A segway...Yes--like the Coen brothers, hopefully I, too, can put produce something worthy of your attention, and that of the members of the academy... But where to start? So much has happened, and yet so much has stayed the same. Ah, the cliches. Always there when you need them. Waiting, really, for that awkward situation when you don't know what to say, or when you have too much to say and don't know where to start, or don't want to start. Or you don't know if you want to exert the time and energy into telling people something that really doesn't matter to them and they'll probably misconstrue and/or use against you in the future. These are only some of the reasons why "not much, you?" and the old chestnut "You know, just pluggin' along" have stayed in the mix for so long. Gah.
Well, that's all that I'll say for now, because, well, see above. I'll try to put some of my semi-amusing (but mostly not) escapades up here with more regularity.

Oh, yeah. You probably won't wanna go, but I'm going to do a century ride in the homeland on April 27. Anyone interested can get ahold of me through the proper channels. It's a fun ride through beautiful country. Dude, you should totally go.

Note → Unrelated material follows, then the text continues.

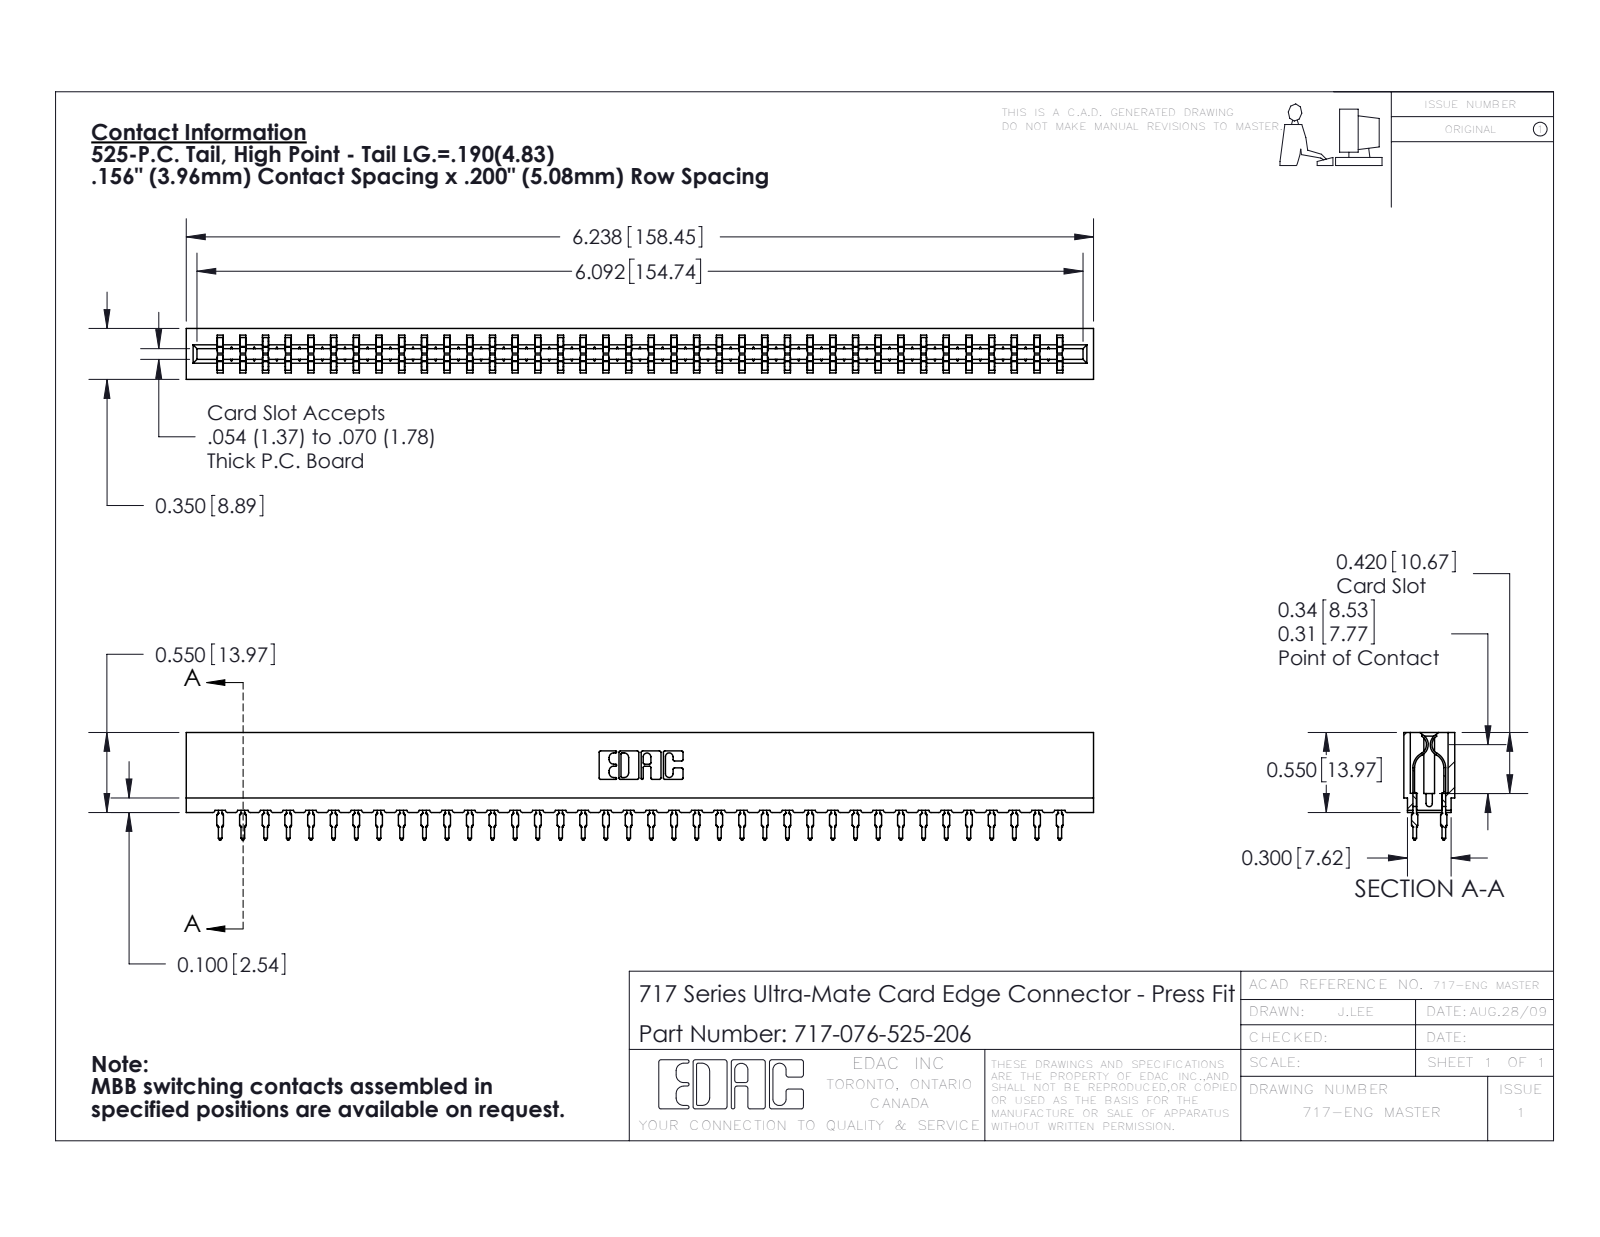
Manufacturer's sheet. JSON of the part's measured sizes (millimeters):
{"part_name": "717 Part_Insulator Option - 06; 745-292-001_525; 717-076-525-206", "step_written_by": "SolidWorks 2016 (CONFIG_CONTROL_DESIGN)", "units": "millimeters", "bodies": {"solids": 77, "faces": 6934, "planar": 3588, "cylindrical": 1370, "other": 1976}, "overall_size": [158.4, 18.8, 8.9], "volume_mm3": 13700, "surface_area_mm2": 20860, "partial_cylinders_radius": [[0.5, 152], [0.4, 76], [0.3, 22], [0.1, 8], [0.3, 8], [0.2, 6], [0.8, 6], [0.7, 3]], "face_to_face_distances": [5.4, 3.5, 8.9, 1.6, 7.3, 1.9, 3.8, 1.9, 1.1, 7.7]}

Thursday, January 17, 2008

Mike Stevens--You Are Missed

What is there to say? A lot, really, but for now, I'll keep it short and bittersweet. I didn't know Mike Stevens all that well. We exchanged pleasantries, 'sups and things in passing. As messengers, many of bonds that we forge are in passing, unless we drink at the same bars or work at the same company (which Mike and I did not). Somehow we know that the bond of friendship exists, though. It's unspoken, but it is a very real thing. That's how it was with Mike. You could tell in the way he asked how things were going with you. It was real, and the few words were always sincere and caring.
I always thought it was cool how he kind of got right up in your grill and inquired about your well-being in such an intense way. Like you needed to tell him. It was important for him to know that you were doing okay. One of a kind.


I'll miss you brother.

Friday, January 4, 2008

Life and Death in the Suburbs

On Thursday I found myself in one of the more exclusive suburbs. Beaverton or somewhere out that way. Up on a big hill. Overlooking everything, perfect and plain. You could eat your lunch off of the street.
As it usually goes with these residence drops, no one was home to sign for whatever crap I was delivering. In fact, I did not see any sign of any human beings anywhere. The silence was eerie. I knocked again. Nothing. I looked in the little window at the top of the door and all that I could see was a small cross hanging on a white wall. It was the only decoration that I could see through the little window.
I got the okay to leave the package on the doorstep. As I leaned over to set the envelope on the doormat I stepped on something. Whatever. Then I noticed a small, furry thing laying on the doormat. It was furry, the size of a small thumb, and it had a tail. I suddenly realized that the thing under my foot was once like the thing on the doormat, though after being stepped on and rained on, it had become just a damp wad of bone and flesh and tail. The only signs of life in that neighborhood were two dead mice.